Today, CXO Advisory Group issued a short study on the correlation between the Federal balance sheet and equity market returns.

The Link to the study follows:

http://www.cxoadvisory.com/4225/economic-indicators/federal-deficit-and-stock-returns/#more-4225

In general, CXO finds a weak, unreliable correlation that excessive government spending marginally enhances equity market returns, not a very compelling conclusion and subject to statistical challenges. Enjoy.

Best Regards.

Comments

  • Hello MFOs colleagues:

    What does this all mean? should we keep ignore all the noise and keep buying for a slow sustained recovery?
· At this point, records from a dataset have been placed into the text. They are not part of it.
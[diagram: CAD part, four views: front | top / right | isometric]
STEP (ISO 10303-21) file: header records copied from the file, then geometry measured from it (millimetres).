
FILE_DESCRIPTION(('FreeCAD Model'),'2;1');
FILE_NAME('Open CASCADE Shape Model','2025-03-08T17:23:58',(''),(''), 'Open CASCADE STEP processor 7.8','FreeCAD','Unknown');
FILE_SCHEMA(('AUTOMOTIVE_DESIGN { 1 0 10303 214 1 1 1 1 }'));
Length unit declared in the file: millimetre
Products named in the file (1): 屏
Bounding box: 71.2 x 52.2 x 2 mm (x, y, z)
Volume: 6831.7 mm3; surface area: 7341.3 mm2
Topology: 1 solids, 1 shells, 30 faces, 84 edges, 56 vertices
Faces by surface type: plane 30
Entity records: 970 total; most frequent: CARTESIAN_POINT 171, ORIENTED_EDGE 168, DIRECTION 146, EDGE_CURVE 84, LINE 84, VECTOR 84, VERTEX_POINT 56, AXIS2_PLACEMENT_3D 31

I feel very nervous right now w/ 80s% in equities and 20%s in fixed income...

    thanks
  • Hi John,

    In response to your concern ... 80% equity & 20% Fixed Income Allocation.

    I have been buying during the recent pull back when the S&P 500 Index is back of 1300.
    My portfolio's allocation is now about 13% cash, 25% income, 57% equity and 5% other. I probally will hold at 60% equity and not get as aggressive as you. As a tail wind, I do catch better than a 5% yield on my portfolio so I can wait while the market comes to me.

    With corporate earnings coming in stronger than anticipated and knowing that earnings drive stock prices in the long run ... I am somewhat at ease with my recent move to load equity ballast within my portfolio. Sure, the news and current events can push stock prices around as we have recently been seeing; and, I have been taking advantage of this and buying equities while reducing cash.

    I have recently seen a S&P Report that had forward earnings estimates for the S&P 500 Index in the 104 range. Divide this into todays closing valuation of 1287 and I compute a forward P/E Ratio of about 12.4. With this, I am leaning towards equities as I feel Corporate America is in better shape than Government America.

    It is for sure ... In time, it will be for "Kicks or Grins" for me.